WHAT THE EXERCISE ASKS -
Below are entries. Reproduce exactly the lines between the line holding "doc.linetypes.add('EJE', pattern=[31, 20, -4, 3, -4])" and the line holding "for name, color, linetype, lineweight", inclusive, and only those.

Saved data entries:

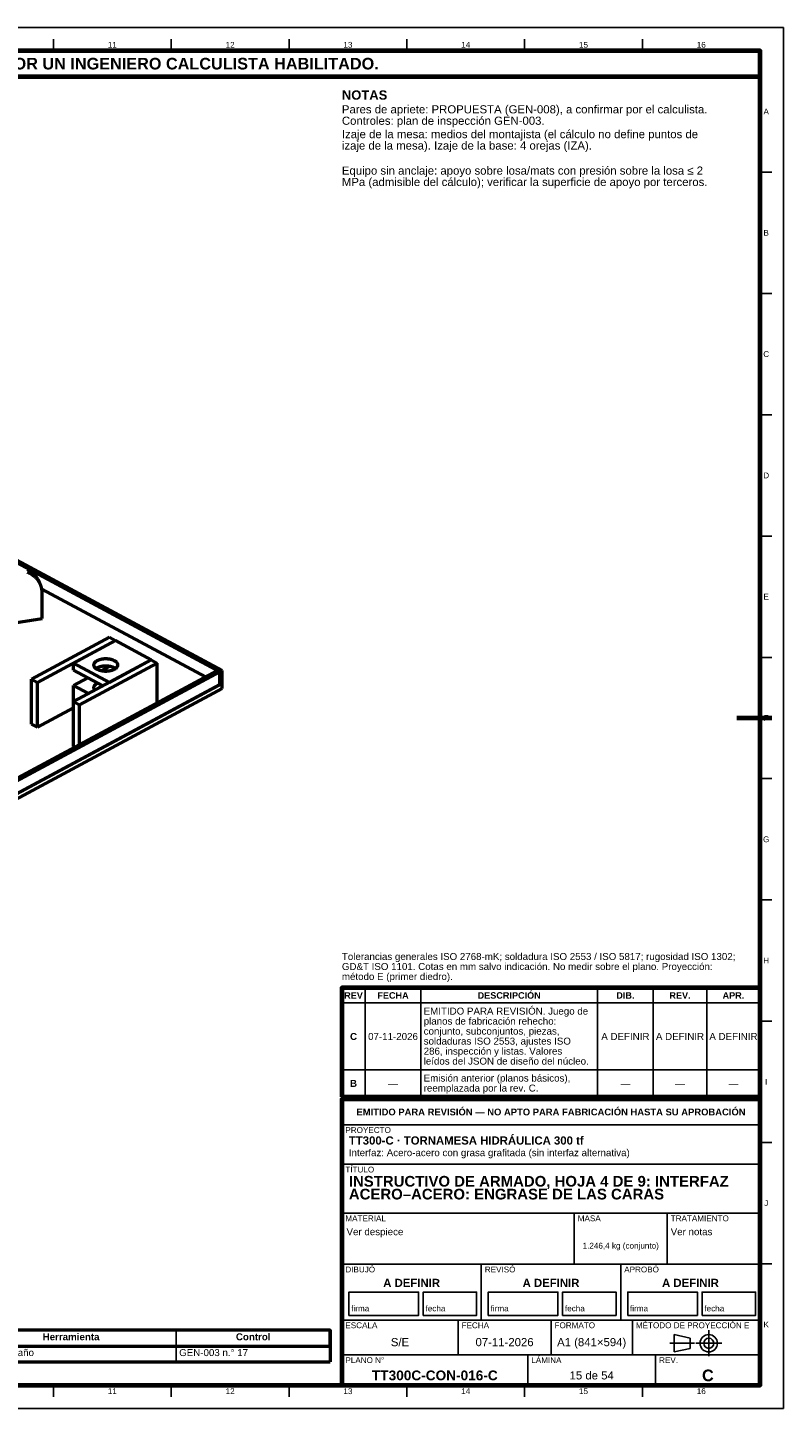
# Model space of a CAD drawing. Header units: millimetres. Extents: x 0 to 841, y 0 to 594.
# Tile 6 of 6: x 516 to 841, y 0 to 594. Entities that reach past the tile are written whole.
import ezdxf
from ezdxf.enums import TextEntityAlignment as Align

# ---------------------------------------------------------------- set-up
doc = ezdxf.new("R2010")
doc.units = ezdxf.units.MM
doc.linetypes.add('EJE', pattern=[31, 20, -4, 3, -4])
for name, color, linetype, lineweight in [('EJE', 7, 'EJE', 25), ('FINA', 7, 'CONTINUOUS', 25), ('MARCO', 7, 'CONTINUOUS', 70), ('TXT', 7, 'CONTINUOUS', 25), ('VIS', 7, 'CONTINUOUS', 50)]:
    doc.layers.add(name, color=color, linetype=linetype, lineweight=lineweight)
doc.styles.add('STD', font='LiberationSans-Regular.ttf')
doc.styles.add('STDB', font='LiberationSans-Bold.ttf')

msp = doc.modelspace()

# ---------------------------------------------------------------- linework, layer by layer
at = {"layer": 'EJE'}
for p, q in [((808.88, 22.42), (808.88, 33.58)), ((792.14, 28), (802.68, 28)), ((803.3, 28), (814.46, 28))]:
    msp.add_line(p, q, dxfattribs=at)
at = {"layer": 'FINA'}
for p, q in [((526.88, 584), (526.88, 589)), ((577.56, 584), (577.56, 589)), ((628.25, 584), (628.25, 589)), ((678.94, 584), (678.94, 589)), ((729.62, 584), (729.62, 589)), ((780.31, 584), (780.31, 589)), ((831, 531.82), (836, 531.82)), ((831, 479.64), (836, 479.64)), ((831, 427.45), (836, 427.45)), ((831, 375.27), (836, 375.27)), ((831, 323.09), (836, 323.09)), ((831, 270.91), (836, 270.91)), ((831, 218.73), (836, 218.73)), ((661, 134), (661, 180.9)), ((685, 134), (685, 180.9)), ((761, 134), (761, 180.9)), ((785, 134), (785, 180.9)), ((808, 134), (808, 180.9)), ((651, 174.4), (831, 174.4)), ((831, 166.55), (836, 166.55)), ((651, 145.6), (831, 145.6)), ((651, 134), (831, 134)), ((651, 133), (831, 133)), ((651, 122), (831, 122)), ((831, 114.36), (836, 114.36)), ((651, 105), (831, 105)), ((651, 84), (831, 84)), ((751, 62), (751, 84)), ((791, 62), (791, 84)), ((651, 62), (831, 62)), ((711, 38), (711, 62)), ((771, 38), (771, 62)), ((831, 62.18), (836, 62.18)), ((651, 38), (831, 38)), ((701, 23), (701, 38)), ((741, 23), (741, 38)), ((776, 23), (776, 38)), ((579.68, 33.6), (579.68, 20)), ((25, 26.8), (646, 26.8)), ((651, 23), (831, 23)), ((731, 10), (731, 23)), ((786, 10), (786, 23)), ((526.88, 10), (526.88, 5)), ((577.56, 10), (577.56, 5)), ((628.25, 10), (628.25, 5)), ((678.94, 10), (678.94, 5)), ((729.62, 10), (729.62, 5)), ((780.31, 10), (780.31, 5))]:
    msp.add_line(p, q, dxfattribs=at)
for points in [[(0, 0), (841, 0), (841, 594), (0, 594)], [(654, 40), (684, 40), (684, 50), (654, 50)], [(686, 40), (709, 40), (709, 50), (686, 50)], [(714, 40), (744, 40), (744, 50), (714, 50)], [(746, 40), (769, 40), (769, 50), (746, 50)], [(774, 40), (804, 40), (804, 50), (774, 50)], [(806, 40), (829, 40), (829, 50), (806, 50)], [(794, 24.28), (800.82, 25.83), (800.82, 30.17), (794, 31.72)]]:
    msp.add_lwpolyline(points, close=True, dxfattribs=at)
for radius in [3.72, 2.17]:
    msp.add_circle((808.88, 28), radius, dxfattribs=at)
at = {"layer": 'MARCO'}
msp.add_line((836, 297), (821, 297), dxfattribs=at)
for points in [[(20, 10), (831, 10), (831, 584), (20, 584)], [(20, 573), (831, 573), (831, 584), (20, 584)], [(651, 134), (831, 134), (831, 180.9), (651, 180.9)], [(651, 10), (831, 10), (831, 133), (651, 133)]]:
    msp.add_lwpolyline(points, close=True, dxfattribs=at)
at = {"layer": 'VIS'}
for p in [(646, 33.6), (25, 20)]:
    msp.add_line(p, (646, 20), dxfattribs=at)
for points in [[(334.47, 458.61), (598.47, 316.87)], [(335.5, 459.17), (599.5, 317.43)], [(520.96, 355.17), (520.9, 355.27), (520.84, 355.38), (520.78, 355.48), (520.72, 355.58), (520.65, 355.69), (520.59, 355.79), (520.53, 355.89), (520.46, 355.99), (520.39, 356.09), (520.32, 356.19), (520.25, 356.28), (520.18, 356.38), (520.1, 356.47), (520.03, 356.57), (519.95, 356.66), (519.88, 356.75), (519.8, 356.84), (519.72, 356.93), (519.64, 357.02), (519.55, 357.11), (519.47, 357.2), (519.39, 357.28), (519.3, 357.37), (519.21, 357.45), (519.13, 357.53), (519.04, 357.61), (518.95, 357.69), (518.86, 357.77), (518.77, 357.85), (518.67, 357.93), (518.58, 358), (518.49, 358.08), (518.39, 358.15), (518.29, 358.22), (518.2, 358.29), (518.1, 358.36), (518, 358.43), (517.9, 358.5), (517.8, 358.56), (517.7, 358.63), (517.6, 358.69), (517.49, 358.75), (517.39, 358.81), (517.28, 358.87), (517.18, 358.93), (517.07, 358.99), (516.97, 359.05), (516.86, 359.1), (516.75, 359.15), (516.64, 359.21), (516.54, 359.26), (516.43, 359.31), (516.32, 359.36), (516.21, 359.4), (516.1, 359.45), (515.98, 359.5), (515.87, 359.54), (515.76, 359.58), (515.65, 359.62)], [(520.23, 356.52), (520.18, 356.63), (520.12, 356.73), (520.06, 356.84), (520, 356.94), (519.93, 357.04), (519.87, 357.14), (519.8, 357.24), (519.74, 357.34), (519.67, 357.44), (519.6, 357.54), (519.53, 357.64), (519.46, 357.73), (519.38, 357.83), (519.31, 357.92), (519.23, 358.02), (519.15, 358.11), (519.08, 358.2), (519, 358.29), (518.91, 358.38), (518.83, 358.47), (518.75, 358.55), (518.67, 358.64), (518.58, 358.72), (518.49, 358.81), (518.41, 358.89), (518.32, 358.97), (518.23, 359.05), (518.14, 359.13), (518.04, 359.21), (517.95, 359.28), (517.86, 359.36), (517.76, 359.43), (517.67, 359.51), (517.57, 359.58), (517.47, 359.65), (517.38, 359.72), (517.28, 359.79), (517.18, 359.85), (517.08, 359.92), (516.98, 359.98), (516.87, 360.05), (516.77, 360.11), (516.67, 360.17), (516.56, 360.23), (516.46, 360.29), (516.35, 360.34), (516.25, 360.4), (516.14, 360.46), (516.03, 360.51), (515.92, 360.56), (515.81, 360.61), (515.71, 360.66)], [(520.96, 355.17), (520.23, 356.52)], [(522.01, 350.84), (522.01, 350.96), (522.01, 351.08), (522, 351.21), (522, 351.33), (521.99, 351.45), (521.98, 351.57), (521.97, 351.69), (521.96, 351.81), (521.95, 351.93), (521.94, 352.05), (521.92, 352.17), (521.9, 352.29), (521.88, 352.41), (521.86, 352.53), (521.84, 352.65), (521.82, 352.77), (521.79, 352.89), (521.76, 353.01), (521.74, 353.13), (521.71, 353.25), (521.67, 353.36), (521.64, 353.48), (521.61, 353.6), (521.57, 353.71), (521.53, 353.83), (521.49, 353.94), (521.45, 354.06), (521.41, 354.17), (521.36, 354.28), (521.32, 354.4), (521.27, 354.51), (521.22, 354.62), (521.17, 354.73), (521.12, 354.84), (521.07, 354.95), (521.01, 355.06), (520.96, 355.17)], [(521.88, 352.46), (592.28, 314.66)], [(522.01, 339.77), (522.01, 350.84)], [(496.21, 335.81), (522.01, 339.77)], [(550.94, 331.71), (517.43, 313.72)], [(553.52, 330.33), (520, 312.33)], [(553.52, 330.33), (535.47, 320.64)], [(550.94, 331.71), (553.52, 330.33)], [(553.52, 330.33), (568.99, 322.02)], [(568.99, 322.02), (535.47, 304.03)], [(544.29, 319.81), (544.29, 319.93), (544.31, 320.05), (544.33, 320.17), (544.37, 320.28), (544.41, 320.39), (544.46, 320.5), (544.51, 320.61), (544.57, 320.71), (544.64, 320.81), (544.72, 320.91), (544.79, 321), (544.88, 321.08), (544.96, 321.17), (545.05, 321.25), (545.14, 321.33), (545.24, 321.4), (545.34, 321.47), (545.43, 321.54), (545.54, 321.6), (545.64, 321.66), (545.74, 321.72), (545.85, 321.78), (545.96, 321.83), (546.06, 321.89), (546.17, 321.93), (546.28, 321.98), (546.4, 322.03), (546.51, 322.07), (546.62, 322.11), (546.73, 322.15), (546.85, 322.18), (546.96, 322.22), (547.08, 322.25), (547.2, 322.28), (547.31, 322.31), (547.43, 322.34), (547.55, 322.36), (547.66, 322.39), (547.78, 322.41), (547.9, 322.43), (548.02, 322.45), (548.14, 322.46), (548.26, 322.48), (548.38, 322.49), (548.5, 322.51), (548.61, 322.52), (548.73, 322.53), (548.85, 322.53), (548.97, 322.54), (549.09, 322.54), (549.21, 322.55), (549.33, 322.55), (549.45, 322.55), (549.57, 322.55), (549.69, 322.54), (549.81, 322.54), (549.93, 322.53), (550.05, 322.53), (550.17, 322.52), (550.29, 322.51), (550.41, 322.49), (550.53, 322.48), (550.65, 322.46), (550.77, 322.45), (550.89, 322.43), (551.01, 322.41), (551.12, 322.39), (551.24, 322.36), (551.36, 322.34), (551.48, 322.31), (551.59, 322.28), (551.71, 322.25), (551.82, 322.22), (551.94, 322.18), (552.05, 322.15), (552.17, 322.11), (552.28, 322.07), (552.39, 322.03), (552.5, 321.98), (552.62, 321.93), (552.72, 321.89), (552.83, 321.83), (552.94, 321.78), (553.05, 321.72), (553.15, 321.66), (553.25, 321.6), (553.35, 321.54), (553.45, 321.47), (553.55, 321.4), (553.65, 321.33), (553.74, 321.25), (553.83, 321.17), (553.91, 321.08), (553.99, 321), (554.07, 320.91), (554.15, 320.81), (554.21, 320.71), (554.28, 320.61), (554.33, 320.5), (554.38, 320.39), (554.42, 320.28), (554.46, 320.17), (554.48, 320.05), (554.49, 319.93), (554.5, 319.81)], [(568.99, 322.02), (550.94, 312.33)], [(568.99, 322.02), (571.57, 320.64)], [(335.5, 176.79), (597.44, 317.43)], [(336.53, 176.24), (598.47, 316.87)], [(535.47, 317.56), (535.47, 320.64)], [(535.47, 320.64), (550.94, 312.33)], [(535.47, 317.56), (548.08, 310.8)], [(571.57, 320.64), (538.05, 302.64)], [(545.78, 317.87), (545.68, 317.93), (545.57, 317.99), (545.47, 318.06), (545.37, 318.12), (545.27, 318.2), (545.17, 318.27), (545.08, 318.35), (544.98, 318.43), (544.9, 318.51), (544.81, 318.6), (544.73, 318.69), (544.66, 318.79), (544.58, 318.89), (544.52, 318.99), (544.46, 319.1), (544.41, 319.21), (544.37, 319.33), (544.33, 319.45), (544.31, 319.56), (544.29, 319.69), (544.29, 319.81)], [(545.17, 318.27), (545.27, 318.34), (545.36, 318.41), (545.46, 318.48), (545.57, 318.55), (545.67, 318.61), (545.78, 318.67), (545.88, 318.72), (545.99, 318.78), (546.1, 318.83), (546.21, 318.87), (546.32, 318.92), (546.43, 318.97), (546.55, 319.01), (546.66, 319.05), (546.78, 319.09), (546.89, 319.12), (547.01, 319.16), (547.12, 319.19), (547.24, 319.22), (547.36, 319.25), (547.48, 319.27), (547.59, 319.3), (547.71, 319.32), (547.83, 319.34), (547.95, 319.36), (548.07, 319.38), (548.19, 319.4), (548.31, 319.41), (548.43, 319.42), (548.55, 319.44), (548.67, 319.45), (548.79, 319.45), (548.91, 319.46), (549.03, 319.47), (549.15, 319.47), (549.27, 319.47), (549.39, 319.47), (549.52, 319.47), (549.64, 319.47), (549.76, 319.47), (549.88, 319.46), (550, 319.45), (550.12, 319.45), (550.24, 319.44), (550.36, 319.42), (550.48, 319.41), (550.6, 319.4), (550.72, 319.38), (550.84, 319.36), (550.96, 319.34), (551.08, 319.32), (551.19, 319.3), (551.31, 319.27), (551.43, 319.25), (551.55, 319.22), (551.66, 319.19), (551.78, 319.16), (551.9, 319.12), (552.01, 319.09), (552.13, 319.05), (552.24, 319.01), (552.35, 318.97), (552.47, 318.92), (552.58, 318.87), (552.69, 318.83), (552.8, 318.78), (552.91, 318.72), (553.01, 318.67), (553.12, 318.61), (553.22, 318.55), (553.32, 318.48), (553.43, 318.41), (553.52, 318.34), (553.62, 318.27)], [(554.5, 319.81), (554.49, 319.69), (554.48, 319.57), (554.45, 319.45), (554.42, 319.33), (554.38, 319.22), (554.33, 319.11), (554.27, 319), (554.21, 318.9), (554.14, 318.8), (554.07, 318.71), (553.99, 318.61), (553.9, 318.53), (553.82, 318.44), (553.73, 318.36), (553.64, 318.28), (553.54, 318.21), (553.44, 318.14), (553.34, 318.07), (553.24, 318.01), (553.14, 317.94), (553.03, 317.88), (552.92, 317.83), (552.82, 317.77), (552.71, 317.72), (552.6, 317.67), (552.48, 317.63), (552.37, 317.58), (552.26, 317.54), (552.14, 317.5), (552.03, 317.46), (551.91, 317.43), (551.8, 317.39), (551.68, 317.36), (551.56, 317.33), (551.45, 317.3), (551.33, 317.27), (551.21, 317.25), (551.09, 317.22), (550.97, 317.2), (550.85, 317.18), (550.73, 317.16), (550.61, 317.15), (550.49, 317.13), (550.37, 317.12), (550.25, 317.11), (550.13, 317.1), (550.01, 317.09), (549.89, 317.08), (549.77, 317.08), (549.65, 317.07), (549.53, 317.07), (549.41, 317.07), (549.29, 317.07), (549.17, 317.07), (549.05, 317.07), (548.93, 317.08), (548.81, 317.09), (548.68, 317.09), (548.56, 317.1), (548.44, 317.12), (548.32, 317.13), (548.2, 317.14), (548.08, 317.16), (547.96, 317.18), (547.84, 317.2), (547.73, 317.22), (547.61, 317.24), (547.49, 317.27), (547.37, 317.29), (547.25, 317.32), (547.14, 317.35), (547.02, 317.38), (546.9, 317.42), (546.79, 317.45), (546.67, 317.49), (546.56, 317.53), (546.45, 317.57), (546.33, 317.62), (546.22, 317.66), (546.11, 317.71), (546, 317.76), (545.89, 317.81), (545.78, 317.87)], [(551.11, 319.31), (547.35, 317.3)], [(571.57, 303.54), (571.57, 320.64)], [(597.44, 317.43), (598.47, 316.87)], [(598.47, 316.87), (599.5, 317.43)], [(598.47, 311.34), (598.47, 316.87)], [(598.47, 311.34), (598.47, 316.87)], [(599.5, 311.89), (599.5, 317.43)], [(335.5, 170.15), (599.5, 311.89)], [(335.5, 167.94), (599.5, 309.68)], [(336.53, 170.7), (598.47, 311.34)], [(517.43, 294.4), (517.43, 313.72)], [(517.43, 313.72), (520, 312.33)], [(520, 293.02), (520, 312.33)], [(541.66, 314.24), (535.47, 310.92)], [(535.47, 304.03), (535.47, 310.92)], [(535.47, 310.92), (541.89, 307.47)], [(544.29, 310.09), (544.29, 310.21), (544.31, 310.33), (544.33, 310.45), (544.37, 310.57), (544.41, 310.68), (544.46, 310.8), (544.52, 310.9), (544.58, 311.01), (544.66, 311.11), (544.73, 311.2), (544.81, 311.3), (544.9, 311.38), (544.98, 311.47), (545.08, 311.55), (545.17, 311.63), (545.27, 311.7), (545.37, 311.77), (545.47, 311.84), (545.57, 311.91), (545.68, 311.97), (545.78, 312.03)], [(544.72, 308.99), (544.64, 309.09), (544.57, 309.19), (544.51, 309.29), (544.46, 309.39), (544.41, 309.5), (544.37, 309.62), (544.33, 309.73), (544.31, 309.85), (544.29, 309.97), (544.29, 310.09)], [(598.47, 311.34), (599.5, 311.89)], [(599.5, 309.68), (599.5, 311.89)], [(535.47, 284.71), (535.47, 304.03)], [(535.47, 304.03), (538.05, 302.64)], [(535.47, 301.32), (520, 293.02)], [(538.05, 285.54), (538.05, 302.64)], [(517.43, 294.4), (520, 293.02)], [(535.47, 284.71), (535.99, 284.43)]]:
    msp.add_lwpolyline(points, dxfattribs=at)
msp.add_lwpolyline([(25, 26.8), (646, 26.8), (646, 33.6), (25, 33.6)], close=True, dxfattribs=at)

# ---------------------------------------------------------------- texts
at = {"layer": 'TXT'}
for s, height, style, p in [('ESTOS PLANOS NO SON VÁLIDOS PARA FABRICACIÓN HASTA SU REVISIÓN Y APROBACIÓN POR UN INGENIERO CALCULISTA HABILITADO.', 5, 'STDB', (425.5, 578.5)), ('11', 2.5, 'STD', (552.22, 586.6)), ('12', 2.5, 'STD', (602.91, 586.6)), ('13', 2.5, 'STD', (653.59, 586.6)), ('14', 2.5, 'STD', (704.28, 586.6)), ('15', 2.5, 'STD', (754.97, 586.6)), ('16', 2.5, 'STD', (805.66, 586.6)), ('A', 2.5, 'STD', (833.6, 557.91)), ('B', 2.5, 'STD', (833.6, 505.73)), ('C', 2.5, 'STD', (833.6, 453.55)), ('D', 2.5, 'STD', (833.6, 401.36)), ('E', 2.5, 'STD', (833.6, 349.18)), ('F', 2.5, 'STD', (833.6, 297)), ('G', 2.5, 'STD', (833.6, 244.82)), ('H', 2.5, 'STD', (833.6, 192.64)), ('REV', 2.8, 'STDB', (656, 177.65)), ('FECHA', 2.8, 'STDB', (673, 177.65)), ('DESCRIPCIÓN', 2.8, 'STDB', (723, 177.65)), ('DIB.', 2.8, 'STDB', (773, 177.65)), ('REV.', 2.8, 'STDB', (796.5, 177.65)), ('APR.', 2.8, 'STDB', (819.5, 177.65)), ('C', 3, 'STDB', (656, 160)), ('07-11-2026', 3, 'STD', (673, 160)), ('A DEFINIR', 3, 'STD', (773, 160)), ('A DEFINIR', 3, 'STD', (796.5, 160)), ('A DEFINIR', 3, 'STD', (819.5, 160)), ('B', 3, 'STDB', (656, 139.8)), ('—', 3, 'STD', (673, 139.8)), ('—', 3, 'STD', (773, 139.8)), ('—', 3, 'STD', (796.5, 139.8)), ('—', 3, 'STD', (819.5, 139.8)), ('I', 2.5, 'STD', (833.6, 140.45)), ('EMITIDO PARA REVISIÓN — NO APTO PARA FABRICACIÓN HASTA SU APROBACIÓN', 2.9, 'STDB', (741, 127.5)), ('J', 2.5, 'STD', (833.6, 88.27)), ('1.246,4 kg (conjunto)', 2.5, 'STD', (771, 70)), ('A DEFINIR', 3.5, 'STDB', (681, 54)), ('A DEFINIR', 3.5, 'STDB', (741, 54)), ('A DEFINIR', 3.5, 'STDB', (801, 54)), ('K', 2.5, 'STD', (833.6, 36.09)), ('Herramienta', 3, 'STDB', (534.46, 30.8)), ('Control', 3, 'STDB', (612.84, 30.8)), ('S/E', 3.5, 'STD', (676, 28.5)), ('07-11-2026', 3.5, 'STD', (721, 28.5)), ('A1 (841×594)', 3.5, 'STD', (758.5, 28.5)), ('TT300C-CON-016-C', 4.2, 'STDB', (691, 14.2)), ('15 de 54', 3.5, 'STD', (758.5, 14.2)), ('C', 5, 'STDB', (808.5, 14.2)), ('11', 2.5, 'STD', (552.22, 7.4)), ('12', 2.5, 'STD', (602.91, 7.4)), ('13', 2.5, 'STD', (653.59, 7.4)), ('14', 2.5, 'STD', (704.28, 7.4)), ('15', 2.5, 'STD', (754.97, 7.4)), ('16', 2.5, 'STD', (805.66, 7.4))]:
    msp.add_text(s, height=height, dxfattribs=dict(at, style=style)).set_placement(p, align=Align.MIDDLE_CENTER)
for s, height, style, p in [('NOTAS', 4, 'STDB', (651, 567)), ('Pares de apriete: PROPUESTA (GEN-008), a confirmar por el calculista.', 3.5, 'STD', (651, 560.6)), ('Controles: plan de inspección GEN-003.', 3.5, 'STD', (651, 555.7)), ('Izaje de la mesa: medios del montajista (el cálculo no define puntos de', 3.5, 'STD', (651, 549.93)), ('izaje de la mesa). Izaje de la base: 4 orejas (IZA).', 3.5, 'STD', (651, 545.03)), ('Equipo sin anclaje: apoyo sobre losa/mats con presión sobre la losa ≤ 2', 3.5, 'STD', (651, 534.25)), ('MPa (admisible del cálculo); verificar la superficie de apoyo por terceros.', 3.5, 'STD', (651, 529.35)), ('EMITIDO PARA REVISIÓN. Juego de', 3, 'STD', (686.2, 172.4)), ('planos de fabricación rehecho:', 3, 'STD', (686.2, 168.1)), ('conjunto, subconjuntos, piezas,', 3, 'STD', (686.2, 163.8)), ('soldaduras ISO 2553, ajustes ISO', 3, 'STD', (686.2, 159.5)), ('286, inspección y listas. Valores', 3, 'STD', (686.2, 155.2)), ('leídos del JSON de diseño del núcleo.', 3, 'STD', (686.2, 150.9)), ('Emisión anterior (planos básicos),', 3, 'STD', (686.2, 143.6)), ('reemplazada por la rev. C.', 3, 'STD', (686.2, 139.3)), ('PROYECTO', 2.5, 'STD', (652.5, 121)), ('TT300-C · TORNAMESA HIDRÁULICA 300 tf', 3.5, 'STDB', (654, 117)), ('Interfaz: Acero-acero con grasa grafitada (sin interfaz alternativa)', 3, 'STD', (654, 111.5)), ('TÍTULO', 2.5, 'STD', (652.5, 104)), ('INSTRUCTIVO DE ARMADO, HOJA 4 DE 9: INTERFAZ', 4.6, 'STDB', (654, 100)), ('ACERO–ACERO: ENGRASE DE LAS CARAS', 4.6, 'STDB', (654, 94.48)), ('MATERIAL', 2.5, 'STD', (652.5, 83)), ('Ver despiece', 3, 'STD', (653, 77.5)), ('MASA', 2.5, 'STD', (752.5, 83)), ('Ver notas', 3, 'STD', (792.5, 77.5)), ('TRATAMIENTO', 2.5, 'STD', (792.5, 83)), ('DIBUJÓ', 2.5, 'STD', (652.5, 61)), ('REVISÓ', 2.5, 'STD', (712.5, 61)), ('APROBÓ', 2.5, 'STD', (772.5, 61)), ('ESCALA', 2.5, 'STD', (652.5, 37)), ('FECHA', 2.5, 'STD', (702.5, 37)), ('FORMATO', 2.5, 'STD', (742.5, 37)), ('MÉTODO DE PROYECCIÓN E', 2.5, 'STD', (777.5, 37)), ('PLANO N°', 2.5, 'STD', (652.5, 22)), ('LÁMINA', 2.5, 'STD', (732.5, 22)), ('REV.', 2.5, 'STD', (787.5, 22))]:
    msp.add_text(s, height=height, dxfattribs=dict(at, style=style)).set_placement(p, align=Align.TOP_LEFT)
at = {"layer": 'TXT', "style": 'STD'}
for s, height, p in [('Tolerancias generales ISO 2768-mK; soldadura ISO 2553 / ISO 5817; rugosidad ISO 1302;', 3, (651, 192)), ('GD&T ISO 1101. Cotas en mm salvo indicación. No medir sobre el plano. Proyección:', 3, (651, 187.7)), ('método E (primer diedro).', 3, (651, 183.4)), ('firma', 2.5, (655, 41)), ('fecha', 2.5, (687, 41)), ('firma', 2.5, (715, 41)), ('fecha', 2.5, (747, 41)), ('firma', 2.5, (775, 41)), ('fecha', 2.5, (807, 41))]:
    msp.add_text(s, height=height, dxfattribs=at).set_placement(p, align=Align.BOTTOM_LEFT)
for s, p in [('Espátula, paño', (490.54, 24)), ('GEN-003 n.° 17', (580.98, 24))]:
    msp.add_text(s, height=3, dxfattribs=at).set_placement(p, align=Align.MIDDLE_LEFT)

doc.saveas('drawing.dxf')

EXERCISE RESPONSE -
doc.linetypes.add('EJE', pattern=[31, 20, -4, 3, -4])
for name, color, linetype, lineweight in [('EJE', 7, 'EJE', 25), ('FINA', 7, 'CONTINUOUS', 25), ('MARCO', 7, 'CONTINUOUS', 70), ('TXT', 7, 'CONTINUOUS', 25), ('VIS', 7, 'CONTINUOUS', 50)]:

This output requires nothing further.